The truth is obvious to anyone who has actually stored gold and silver. It’s not the least bit convenient and requires increased levels of security against theft (including “gold vaults” online, ie., “electronic gold”). It’s only useful when it is physically exchanged, period. Otherwise, it’s just a lump of metal, not much good for anything except that “day” when you exchange it for the money that this world actually uses.
It’s more liquid then real estate, but less then stocks. I would never recommend an investment in the “market” however, whereas real estate can actually be useful. You can live on it, plant on it, park your stuff on it, etc., but hard to sell these days.
My gold and silver are still sitting here, unused, unneeded after all these years of storage. It’s worth more, but then again, so is my food supply. This has quadrupled in value and what do you know, I can actually use it (and do).

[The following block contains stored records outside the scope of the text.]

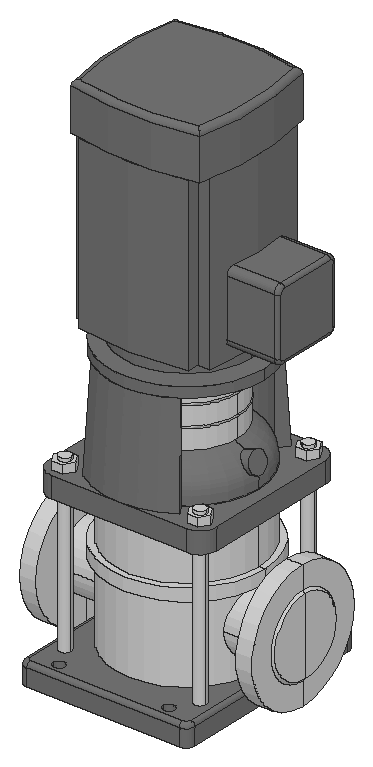
Revit family "TESK_Насос вертикальный_SVM(T)-10", category Оборудование, Revit 2019
Family settings
  Размер круглого соединителя = Использовать диаметр
  Классификация = Насос
  Тип детали = Вставляется
  На основе рабочей плоскости = Нет
  Всегда вертикально = Да
  При загрузке вырезать с полостями = Нет
  Общий = Нет
  Точка расчета площади = Нет
Parameters (values of type "Загрузите каталог типоразмеров TXT")
  Таблица_Поиска = "TESK_SVM(T)-10"  # constant formula
  Производитель_Контакты = "info@teskpump.ru"
  Напор максимальный = 0
  Материал_КорпусУлитка = TESK_Нержавеющая сталь
  Материал_КорпусДвигателя = TESK_Черный_Ребра_Условный
  Материал_2 = TESK_Нержавеющая сталь
  Материал_1 = TESK_Черный_Условный
  Длина_ВспомЛиния = 30 mm  # constant formula
  Высота_Перехода = size_lookup(Таблица_Поиска, "A5", 130 mm, ADSK_Марка)  # 130 mm
  Высота_Корпуса = size_lookup(Таблица_Поиска, "A1", 347 mm, ADSK_Марка)  # 347 mm
  Watermark [instance] = "Модели защищены уникальным кодом"
  URL = "www.teskpump.ru"
  ADSK_Свободный напор жидкости [instance] = 0.0 Pa
  ADSK_Расход жидкости [instance] = 0.0 L/s
  ADSK_Полная мощность = ADSK_Номинальная мощность * ADSK_Коэффициент мощности  # 0 kVA
  ADSK_Номинальная мощность = size_lookup(Таблица_Поиска, "Pow", 0 kW, ADSK_Марка)  # 0 kW
  ADSK_Напряжение = 400 V
  ADSK_Наименование краткое = "Вертикальный многоступенчатый центробежный насос"  # constant formula
  ADSK_Наименование = size_lookup(Таблица_Поиска, "Name", "Не найдено: Насос TESK SVM(T)-10", ADSK_Марка)  # "Не найдено: Насос TESK SVM(T)-10"
  ADSK_Масса_Текст = size_lookup(Таблица_Поиска, "mass_t", "Не найдено: Насос TESK SVM(T)-10", ADSK_Марка)  # "Не найдено: Насос TESK SVM(T)-10"
  ADSK_Масса = size_lookup(Таблица_Поиска, "mass", 0, ADSK_Марка)  # 0
  ADSK_Марка = "Загрузите каталог типоразмеров TXT"
  ADSK_Коэффициент мощности = 1
  ADSK_Количество фаз числовое = ADSK_Количество фаз  # 3
  ADSK_Количество фаз = if(ADSK_Напряжение = 230 V, 1, 3)  # 3
  ADSK_Количество = 1  # constant formula
  ADSK_Код изделия = size_lookup(Таблица_Поиска, "code", "Не найдено: Насос TESK SVM(T)-10", ADSK_Марка)  # "Не найдено: Насос TESK SVM(T)-10"
  ADSK_Классификация нагрузок = Прочее
  ADSK_Завод-изготовитель = "TESK"  # constant formula
  ADSK_Единица измерения = "шт."  # constant formula
  ADSK_Диаметр условный = 40 mm  # constant formula
  ADSK_Версия семейства = "1.0"  # constant formula
  ADSK_Версия Revit = "2019"  # constant formula
  Фланец_Толщина = 22 mm  # constant formula
  УГО_Длина = 280 mm  # constant formula
  Двигатель_Ширина = size_lookup(Таблица_Поиска, "A3", 170 mm, ADSK_Марка)  # 170 mm
  Двигатель_ОтступКоробки = size_lookup(Таблица_Поиска, "A4", 142 mm, ADSK_Марка)  # 142 mm
  Двигатель_Высота = size_lookup(Таблица_Поиска, "A2", 280 mm, ADSK_Марка)  # 280 mm
Reference planes
  plane 1 "По центру (Вперед/Назад)": y = 0
  plane 2: z = 0
  plane 3 "По центру (Влево/Вправо)": x = 0
  plane 4: x = -140
  plane 5: x = 140
  plane 6: x = -118
  plane 7: x = 118
  plane 8: z = -80
  plane 9: z = 267
  plane 10: z = -55
  plane 11: x = -85
  plane 12: z = 137
  plane 13: x = -50
  plane 14: z = 137
  plane 15: z = 112
  plane 16: x = -100
  plane 17: y = 100
  plane 18: x = 100
  plane 19: y = -100
  plane 20: z = 255
  plane 21: z = 182
  plane 22: x = -58
  plane 23: x = -60
  plane 24: z = 206.333
  plane 25: z = 230.667
  plane 26: z = 231.667
  plane 27: z = 229.667
  plane 28: z = 207.333
  plane 29: z = 205.333
  plane 30: z = 250
  plane 31: x = -85
  plane 32: x = -100
  plane 33: x = -92
  plane 34: x = -80
  plane 35: x = 80
  plane 36: y = -80
  plane 37: y = 80
  plane 38: z = 150
  plane 39: x = -100
  plane 40: x = 100
  plane 41: y = 123.5
  plane 42: y = -123.5
  plane 43: x = -65
  plane 44: x = 65
  plane 45: y = -107.5
  plane 46: y = 107.5
  plane 47: z = 40
  plane 48: z = 55
  plane 49: x = -85
  plane 50: x = -93
  plane 51: x = -80
  plane 52: x = 80
  plane 53: y = 80
  plane 54: y = -80
  plane 55: z = 55
  plane 56: z = -60
  plane 57: x = 95
  plane 58: x = 100
  plane 59: x = 85
  plane 60: x = 100
  plane 61: x = 92
  plane 62: z = 188.387
  plane 63: x = 55
  plane 64: z = 157
Forms (mm)
  Extrusion 1, solid, material "TESK_Нержавеющая сталь" <- "Материал_КорпусУлитка", detail levels fine
    sketch origin (0, 0, 0) x (0, 1, 0) y (0, 0, 1)
      loop
        circle (0, 0) r 40
    from -118 to 118
  Revolve 2, solid, material "TESK_Черный_Условный" <- "Материал_1", detail levels fine
    sketch origin (0, 0, 0) x (1, 0, 0) y (0, 0, 1)
      loop
        line (0, 255) -> (-50, 255) -> (-50, 188.387)
        spline (-50, 188.387) -> (-51.902, 181.379) -> (-55.88, 179.278) -> (-60.634, 177.07) -> (-65.428, 174.293) -> (-69.591, 171.327) -> (-72.964, 168.449) -> (-75.78, 165.646) -> (-78.487, 162.259) -> (-80.986, 158.355) -> (-82.903, 154.12) -> (-84.356, 148.192) -> (-85, 137)
        line (-85, 137) -> (-85, 112) -> (0, 112) -> (0, 255)
      axis (0, 112) -> (0, 255)
    angle from 0 to 360
  Extrusion 3, solid, material "TESK_Черный_Условный" <- "Материал_1", detail levels fine
    sketch origin (0, 0, 0) x (1, 0, 0) y (0, 1, 0)
      loop
        line (-100, 80) -> (-100, -80)
        arc (-100, -80) -> (-94.142, -94.142) -> (-80, -100) r 20
        line (-80, -100) -> (80, -100)
        arc (80, -100) -> (94.142, -94.142) -> (100, -80) r 20
        line (100, -80) -> (100, 80)
        arc (100, 80) -> (94.142, 94.142) -> (80, 100) r 20
        line (80, 100) -> (-80, 100)
        arc (-80, 100) -> (-94.142, 94.142) -> (-100, 80) r 20
    from 112 to 137
  Revolve 4, solid, material "TESK_Нержавеющая сталь" <- "Материал_2", detail levels fine
    sketch origin (0, 0, 0) x (1, 0, 0) y (0, 0, 1)
      loop
        line (-60, 250) -> (-60, 231.667)
        arc (-60, 231.667) -> (-61, 230.667) -> (-60, 229.667) r 1
        line (-60, 229.667) -> (-60, 207.333)
        arc (-60, 207.333) -> (-61, 206.333) -> (-60, 205.333) r 1
        line (-60, 205.333) -> (-60, 182) -> (-58, 182) -> (-58, 250) -> (-60, 250)
      axis (0, 182) -> (0, 250)
    angle from 0 to 360
  Extrusion 5, solid, material "TESK_Черный_Условный" <- "Материал_1", detail levels fine
    sketch origin (0, 0, 0) x (1, 0, 0) y (0, 1, 0)
      loop
        circle (0, 0) r 92
    from 255 to 267
  Revolve 6, solid, material "TESK_Черный_Условный" <- "Материал_1", detail levels fine
    sketch origin (0, 0, 0) x (1, 0, 0) y (0, 0, 1)
      loop
        line (-85, 255) -> (-92, 255) -> (-100, 137) -> (-85, 137) -> (-85, 255)
      axis (0, 137) -> (0, 255)
    angle from 125 to 55
  Extrusion 7, solid, material "TESK_Нержавеющая сталь" <- "Материал_2", detail levels fine
    sketch origin (0, 0, 0) x (1, 0, 0) y (0, 1, 0)
      loop
        circle (-80, 80) r 7
      loop
        circle (80, 80) r 7
      loop
        circle (-80, -80) r 7
      loop
        circle (80, -80) r 7
    from -55 to 150
  Extrusion 8, solid, material "TESK_Черный_Условный" <- "Материал_1", detail levels fine
    sketch origin (0, 0, 0) x (1, 0, 0) y (0, 1, 0)
      loop
        arc (-90, 123.5) -> (-97.071, 120.571) -> (-100, 113.5) r 10
        line (-100, 113.5) -> (-100, -113.5)
        arc (-100, -113.5) -> (-97.071, -120.571) -> (-90, -123.5) r 10
        line (-90, -123.5) -> (90, -123.5)
        arc (90, -123.5) -> (97.071, -120.571) -> (100, -113.5) r 10
        line (100, -113.5) -> (100, 113.5)
        arc (100, 113.5) -> (97.071, 120.571) -> (90, 123.5) r 10
        line (90, 123.5) -> (-90, 123.5)
    from -80 to -55
  Extrusion 9, void
    sketch origin (0, 0, 0) x (1, 0, 0) y (0, 1, 0)
      loop
        circle (-65, 107.5) r 7
      loop
        circle (65, 107.5) r 7
      loop
        circle (-65, -107.5) r 7
      loop
        circle (65, -107.5) r 7
    from -80 to -55
  Revolve 10, solid, material "TESK_Нержавеющая сталь" <- "Материал_КорпусУлитка", detail levels fine
    sketch origin (0, 0, 0) x (1, 0, 0) y (0, 0, 1)
      loop
        line (-85, -55) -> (0, -55) -> (0, 55) -> (-93, 55) -> (-93, 40) -> (-85, 40) -> (-85, -55)
      axis (0, -55) -> (0, 55)
    angle from 0 to 360
  Extrusion 11, solid, material "TESK_Нержавеющая сталь" <- "Материал_2", detail levels fine
    sketch origin (0, 0, 0) x (1, 0, 0) y (0, 1, 0)
      loop
        circle (0, 0) r 85
    from 55 to 112
  Sweep 12, void
    path in 3D
      loop
        arc (100, 113.5, -55) -> (97.071, 120.571, -55) -> (90, 123.5, -55) r 10
        line (90, 123.5, -55) -> (-90, 123.5, -55)
        arc (-90, 123.5, -55) -> (-97.071, 120.571, -55) -> (-100, 113.5, -55) r 10
        line (-100, 113.5, -55) -> (-100, -113.5, -55)
        arc (-100, -113.5, -55) -> (-97.071, -120.571, -55) -> (-90, -123.5, -55) r 10
        line (-90, -123.5, -55) -> (90, -123.5, -55)
        arc (90, -123.5, -55) -> (97.071, -120.571, -55) -> (100, -113.5, -55) r 10
        line (100, -113.5, -55) -> (100, 113.5, -55)
    profile origin (100, 0, -55) x (-1, 0, 0) y (0, 0, 1)
      loop
        line (5, 0) -> (0, 0) -> (0, -5)
        arc (0, -5) -> (1.464, -1.464) -> (5, 0) r 5
  Revolve 13, solid, material "TESK_Черный_Условный" <- "Материал_1", detail levels fine
    sketch origin (0, 0, 0) x (-1, 0, 0) y (0, 0, 1)
      loop
        line (-85, 255) -> (-92, 255) -> (-100, 137) -> (-85, 137) -> (-85, 255)
      axis (0, 137) -> (0, 255)
    angle from -125 to -55
  Sweep 14, solid, material "TESK_Черный_Условный" <- "Материал_1", detail levels fine
    path in 3D
      loop
        line (55, 0, 157) -> (83.978, 0, 164.765)
    profile origin (69.489, 0, 160.882) x (-0.258819, 0, 0.965926) y (0, -1, 0)
      loop
        circle (0, 0) r 12.65
Cuts and joins
  Extrusion 9, Sweep 12 cuts Extrusion 8
Lines and regions (mm)
  sketch lines
    curve 1: line (100, -113.5, -55) -> (100, 113.5, -55)
    curve 2: arc (90, 123.5, -55) -> (97.071, 120.571, -55) -> (100, 113.5, -55) r 10
    curve 3: line (90, 123.5, -55) -> (-90, 123.5, -55)
    curve 4: arc (-100, 113.5, -55) -> (-97.071, 120.571, -55) -> (-90, 123.5, -55) r 10
    curve 5: line (-100, 113.5, -55) -> (-100, -113.5, -55)
    curve 6: arc (-90, -123.5, -55) -> (-97.071, -120.571, -55) -> (-100, -113.5, -55) r 10
    curve 7: line (-90, -123.5, -55) -> (90, -123.5, -55)
    curve 8: arc (100, -113.5, -55) -> (97.071, -120.571, -55) -> (90, -123.5, -55) r 10
    curve 10: line (55, 0, 157) -> (83.978, 0, 164.765)
  reference lines
    curve 9: line (55, 0, 157) -> (83.978, 0, 164.765)
Dimensions and locks
  locked: plane 3 "По центру (Влево/Вправо)" to plane 4 at 140
  locked: plane 5 to plane 3 "По центру (Влево/Вправо)" at 140
  locked: plane 2 to plane 8 at 80
  locked: plane 10 to plane 8 at 25
  locked: plane 3 "По центру (Влево/Вправо)" to plane 11 at 85
  "Высота_Перехода": plane 9 to plane 12
  locked: plane 3 "По центру (Влево/Вправо)" to plane 13 at 50
  "Высота_Перехода": plane 9 to plane 14
  locked: plane 14 to plane 15 at 25
  equal spacing: plane 16, plane 3 "По центру (Влево/Вправо)", plane 18
  equal spacing: plane 17, plane 1 "По центру (Вперед/Назад)", plane 19
  locked: plane 19 to plane 1 "По центру (Вперед/Назад)" at 100
  locked: plane 16 to plane 3 "По центру (Влево/Вправо)" at 100
  locked: plane 21 to plane 14 at 45
  locked: plane 9 to plane 20 at 12
  locked: plane 3 "По центру (Влево/Вправо)" to plane 22 at 58
  locked: plane 3 "По центру (Влево/Вправо)" to plane 23 at 60
  equal spacing: plane 20, plane 25, plane 24, plane 21
  plane 26 to plane 25 to plane 27 = 1 mm locked, 1 mm locked
  plane 28 to plane 24 to plane 29 = 1 mm locked, 1 mm locked
  locked: plane 20 to plane 30 at 5
  locked: plane 3 "По центру (Влево/Вправо)" to plane 31 at 85
  locked: plane 32 to plane 3 "По центру (Влево/Вправо)" at 100
  locked: plane 3 "По центру (Влево/Вправо)" to plane 33 at 92
  equal spacing: plane 34, plane 3 "По центру (Влево/Вправо)", plane 35
  locked: plane 34 to plane 3 "По центру (Влево/Вправо)" at 80
  equal spacing: plane 37, plane 1 "По центру (Вперед/Назад)", plane 36
  locked: plane 37 to plane 1 "По центру (Вперед/Назад)" at 80
  locked: plane 38 to plane 14 at 13
  equal spacing: plane 39, plane 3 "По центру (Влево/Вправо)", plane 40
  locked: plane 39 to plane 3 "По центру (Влево/Вправо)" at 100
  equal spacing: plane 41, plane 1 "По центру (Вперед/Назад)", plane 42
  locked: plane 41 to plane 1 "По центру (Вперед/Назад)" at 123.5
  equal spacing: plane 43, plane 3 "По центру (Влево/Вправо)", plane 44
  locked: plane 43 to plane 3 "По центру (Влево/Вправо)" at 65
  equal spacing: plane 46, plane 1 "По центру (Вперед/Назад)", plane 45
  locked: plane 46 to plane 1 "По центру (Вперед/Назад)" at 107.5
  locked: plane 3 "По центру (Влево/Вправо)" to plane 49 at 85
  locked: plane 49 to plane 50 at 8
  locked: plane 47 to plane 2 at 40
  locked: plane 48 to plane 47 at 15
  equal spacing: plane 53, plane 1 "По центру (Вперед/Назад)", plane 54
  locked: plane 53 to plane 1 "По центру (Вперед/Назад)" at 80
  equal spacing: plane 51, plane 3 "По центру (Влево/Вправо)", plane 52
  locked: plane 3 "По центру (Влево/Вправо)" to plane 52 at 80
  locked: plane 55 to plane 2 at 55
  "Фланец_Толщина": plane 6 to plane 4
  "Фланец_Толщина": plane 5 to plane 7
  "Высота_Корпуса": plane 9 to plane 8
  locked: plane 10 to plane 56 at 5
  locked: plane 3 "По центру (Влево/Вправо)" to plane 58 at 100
  locked: plane 57 to plane 58 at 5
  locked: plane 60 to plane 3 "По центру (Влево/Вправо)" at 100
  locked: plane 3 "По центру (Влево/Вправо)" to plane 61 at 92
  locked: plane 3 "По центру (Влево/Вправо)" to plane 59 at 85
  locked: plane 62 to plane 12 at 51.387
  locked: plane 63 to plane 3 "По центру (Влево/Вправо)" at 55
  locked: plane 64 to plane 14 at 20
  "Длина_ВспомЛиния": curve 9 to curve 9
  diameter of Extrusion 1 sketch curve = 80 mm
  radius of Extrusion 3 sketch curve = 20 mm  (x4)
  radius of Revolve 4 sketch curve = 1 mm  (x2)
  diameter of Extrusion 5 sketch curve = 184 mm
  diameter of Extrusion 7 sketch curve = 14 mm  (x4)
  radius of Extrusion 8 sketch curve = 10 mm  (x4)
  diameter of Extrusion 9 sketch curve = 14 mm  (x4)
  diameter of Extrusion 11 sketch curve = 170 mm
  radius of Sweep 12 sketch curve = 5 mm
  diameter of Sweep 14 sketch curve = 25.3 mm
  locked: plane 64 to curve 9 (angle 15.00°)
  aligned and locked: level to plane 2
  aligned and locked: plane 1 "По центру (Вперед/Назад)" to nested 1
  aligned and locked: nested 2 to plane 1 "По центру (Вперед/Назад)"
  aligned and locked: plane 4 to nested 1
  aligned and locked: nested 2 to plane 5
  aligned and locked: Extrusion 1 to plane 6
  aligned and locked: plane 7 to Extrusion 1
  aligned and locked: plane 9 to nested 3
  aligned and locked: plane 3 "По центру (Влево/Вправо)" to Revolve 2 sketch curve
  aligned and locked: Revolve 2 sketch curve to plane 3 "По центру (Влево/Вправо)"
  aligned and locked: Revolve 2 sketch curve to plane 11
  aligned and locked: plane 12 to Revolve 2 sketch curve
  aligned and locked: Extrusion 3 sketch curve to plane 16
  aligned and locked: Extrusion 3 sketch curve to plane 17
  aligned and locked: Extrusion 3 sketch curve to plane 18
  aligned and locked: Extrusion 3 sketch curve to plane 19
  aligned and locked: plane 14 to Extrusion 3
  aligned and locked: Extrusion 3 to plane 15
  aligned and locked: plane 3 "По центру (Влево/Вправо)" to Revolve 4 sketch curve
  aligned and locked: Revolve 4 sketch curve to plane 23  (x3)
  aligned and locked: Revolve 4 sketch curve to plane 21
  aligned and locked: Revolve 4 sketch curve to plane 22
  aligned and locked: Revolve 4 sketch curve to plane 30
  aligned and locked: Extrusion 5 to plane 20
  aligned and locked: plane 9 to Extrusion 5
  aligned and locked: plane 3 "По центру (Влево/Вправо)" to Revolve 6 sketch curve
  aligned and locked: Revolve 6 sketch curve to plane 31
  aligned and locked: plane 14 to Revolve 6 sketch curve
  aligned and locked: plane 37 to Extrusion 7 sketch curve  (x2)
  aligned and locked: plane 34 to Extrusion 7 sketch curve  (x2)
  aligned and locked: plane 35 to Extrusion 7 sketch curve  (x2)
  aligned and locked: plane 36 to Extrusion 7 sketch curve  (x2)
  aligned and locked: Extrusion 7 to plane 10
  aligned and locked: plane 38 to Extrusion 7
  aligned and locked: Extrusion 8 sketch curve to plane 41
  aligned and locked: Extrusion 8 sketch curve to plane 39
  aligned and locked: Extrusion 8 sketch curve to plane 40
  aligned and locked: Extrusion 8 sketch curve to plane 42
  aligned and locked: plane 8 to Extrusion 8
  aligned and locked: plane 10 to Extrusion 8
  aligned and locked: Revolve 2 sketch curve to plane 20
  aligned and locked: nested 4 to plane 1 "По центру (Вперед/Назад)"
  aligned and locked: nested 4 to plane 3 "По центру (Влево/Вправо)"
  aligned and locked: nested 5 to plane 3 "По центру (Влево/Вправо)"
  aligned and locked: nested 5 to plane 1 "По центру (Вперед/Назад)"
  aligned and locked: plane 2 to nested 5
  aligned and locked: plane 43 to Extrusion 9 sketch curve  (x2)
  aligned and locked: plane 45 to Extrusion 9 sketch curve
  aligned and locked: plane 44 to Extrusion 9 sketch curve  (x2)
  aligned and locked: plane 46 to Extrusion 9 sketch curve  (x2)
  aligned and locked: plane 10 to Extrusion 9
  aligned and locked: Extrusion 9 to plane 8
  aligned and locked: plane 3 "По центру (Влево/Вправо)" to Revolve 10 sketch curve
  aligned and locked: Revolve 10 sketch curve to plane 10
  aligned and locked: Revolve 10 sketch curve to plane 49
  aligned and locked: Revolve 10 sketch curve to plane 47
  aligned and locked: Revolve 10 sketch curve to plane 50
  aligned and locked: Revolve 10 sketch curve to plane 48
  aligned and locked: Revolve 10 sketch curve to plane 3 "По центру (Влево/Вправо)"
  aligned and locked: plane 3 "По центру (Влево/Вправо)" to nested 3
  aligned and locked: plane 1 "По центру (Вперед/Назад)" to nested 3
  aligned and locked: nested 6 to plane 53
  aligned and locked: plane 52 to nested 6
  aligned and locked: plane 53 to nested 7
  aligned and locked: plane 51 to nested 7
  aligned and locked: plane 54 to nested 9
  aligned and locked: nested 9 to plane 51
  aligned and locked: nested 8 to plane 54
  aligned and locked: nested 8 to plane 52
  aligned and locked: plane 14 to nested 8
  aligned and locked: nested 6 to plane 14
  aligned and locked: nested 9 to plane 14
  aligned and locked: plane 14 to nested 7
  aligned and locked: Revolve 2 sketch curve to plane 15
  aligned and locked: plane 1 "По центру (Вперед/Назад)" to Extrusion 11 sketch curve
  aligned and locked: plane 3 "По центру (Влево/Вправо)" to Extrusion 11 sketch curve
  aligned and locked: plane 15 to Extrusion 11
  aligned and locked: Extrusion 11 to plane 55
  aligned and locked: plane 10 to Sweep 12 sketch curve
  aligned and locked: plane 58 to Sweep 12 sketch curve
  aligned and locked: Revolve 2 sketch curve to plane 13
  aligned and locked: Revolve 6 sketch curve to plane 20
  aligned and locked: plane 33 to Revolve 6 sketch curve
  aligned and locked: Revolve 13 sketch curve to plane 59
  aligned and locked: Revolve 13 sketch curve to plane 60
  aligned and locked: Revolve 13 sketch curve to plane 14
  aligned and locked: Revolve 13 sketch curve to plane 20
  aligned and locked: plane 62 to Revolve 2 sketch curve
  aligned and locked: plane 32 to Revolve 6 sketch curve
  aligned and locked: plane 61 to Revolve 13 sketch curve
  aligned and locked: plane 64 to curve 9
  aligned and locked: plane 63 to curve 9
Automatic sketch dimensions
  Extrusion 1 sketch curve to level = 0 mm
  Extrusion 1 sketch curve to plane 1 "По центру (Вперед/Назад)" = 0 mm
  Revolve 4 sketch curve to plane 29 = 0 mm
  Revolve 4 sketch curve to plane 27 = 0 mm
  Revolve 4 sketch curve to plane 21 = 10 mm
  plane 38 to Revolve 4 sketch curve = 2 mm
  plane 1 "По центру (Вперед/Назад)" to Extrusion 5 sketch curve = 0 mm
  Extrusion 5 sketch curve to plane 3 "По центру (Влево/Вправо)" = 0 mm
  Extrusion 9 sketch curve to plane 45 = 0 mm
  Revolve 10 sketch curve to plane 15 = 30 mm
  Revolve 10 sketch curve to plane 15 = 10 mm
  Sweep 12 sketch curve to profile plane = 0 mm
  Sweep 12 sketch curve to plane 57 = 0 mm
  Sweep 12 sketch curve to plane 56 = 0 mm  (x2)
  Revolve 6 sketch curve to plane 21 = 7.057 mm
  Revolve 13 sketch curve to plane 3 "По центру (Влево/Вправо)" = 0 mm
  plane 21 to Revolve 13 sketch curve = 7.057 mm
  plane 38 to Revolve 6 sketch curve = 5 mm
  Revolve 13 sketch curve to plane 38 = 5 mm
  Sweep 14 sketch curve to profile plane = 0 mm
  profile plane to Sweep 14 sketch curve = 0 mm
  Revolve 2 sketch curve to plane 15 = 8 mm
  Revolve 2 sketch curve to Revolve 2 sketch curve = 2 mm
Nested families
  nested 1: "Фланец_Круглый" at (-118, 0, 0), Толщина_Фланца <- "Фланец_Толщина", ADSK_Материал <- "Материал_КорпусУлитка", type "Фланец_Круглый", detail levels fine
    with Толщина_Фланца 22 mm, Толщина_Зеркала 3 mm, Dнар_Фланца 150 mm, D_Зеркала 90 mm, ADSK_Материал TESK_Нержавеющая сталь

The things you need to live, day by day, food, clothing, shelter, energy, land, etc., are the real ‘investments’ required for those who are concerned (and for those who are not). The rest is just “dross” as they say, window dressing for ‘investors’ who are concerned about “staying ahead” or “getting ahead” or making a profit, etc.
Get out of debt, own everything you require to live debt-free, buy more for your kids (because they’ll never be able to do this on their own now), stockpile those essentials you require to live, including what you intend for your kids to inherent and own debt-free, and then, and maybe just “then”, buy some gold or silver.
Otherwise, it’s absolutely useless. I’ve read all the arguments about a “store of wealth” and historical use and on and on and on. But everybody should notice that absolutely none of the fears these people all are afraid of come true. And even if they did (total market meltdown, financial collapse, Armageddon, etc.), gold and silver will be the LAST thing anybody will “want” (or need).
Argentina’s financial collapse showed that gold and silver traded at junk prices, so buying bullion for the “collapse” is kinda stupid, a huge waste of money for those who will need to spend their horde to buy what they should have already stored.
One final point. We will NEVER go back to a gold standard (as we once understood this to be) as long as we can print digital money. And since we can reasonably expect that even in the most worst-case scenario to print digital money, any “gold standard” will be effectively meaningless. Gold bugs / promoters / hypsters / hucksters refuse to tell you any of this.
Just use your head and realize that our world, collapsing as it is, is not going to be without electronic banking (digital money) and Federally controlled “value”, ever — which means that your horde of gold is simply only going to be worth what they TELL you it’s worth (if anything). Confiscation remains a very real prospect to gold hoarders too.
I take plenty of heat from gold bugs, but have steadfastly refused to change my position all of these years. Recently, silver hit about $45 or so per ounce and I was too preoccupied to sell my little stash. It’s bounced all over the place and is now about $35. This exemplifies the “store of value” issue with any precious metal. You must time this right, converting to usable cash. Not always convenient, easy or even doable.
Meanwhile, everything keeps going up in price, so your investment is already deflated. Whatever you intended to buy now costs more (usually, exceptions definitely exist such as our crashing real estate market).
IF gold goes to $5000 an ounce, it’s dead obvious that nobody will be buying it as an investment (why would you when it was so overpriced? Only the very rich would do this). It also means hyperinflation is at work, causing the price of things you actually need to be extremely overpriced. What would you rather have? An ‘investment’ that is subject to severe price fluctuations, hard to exchange, or the things you and your family are going to need?
Gold investments can work — but they are not a replacement for sound strategies that make sure your actual needs are being taken care of.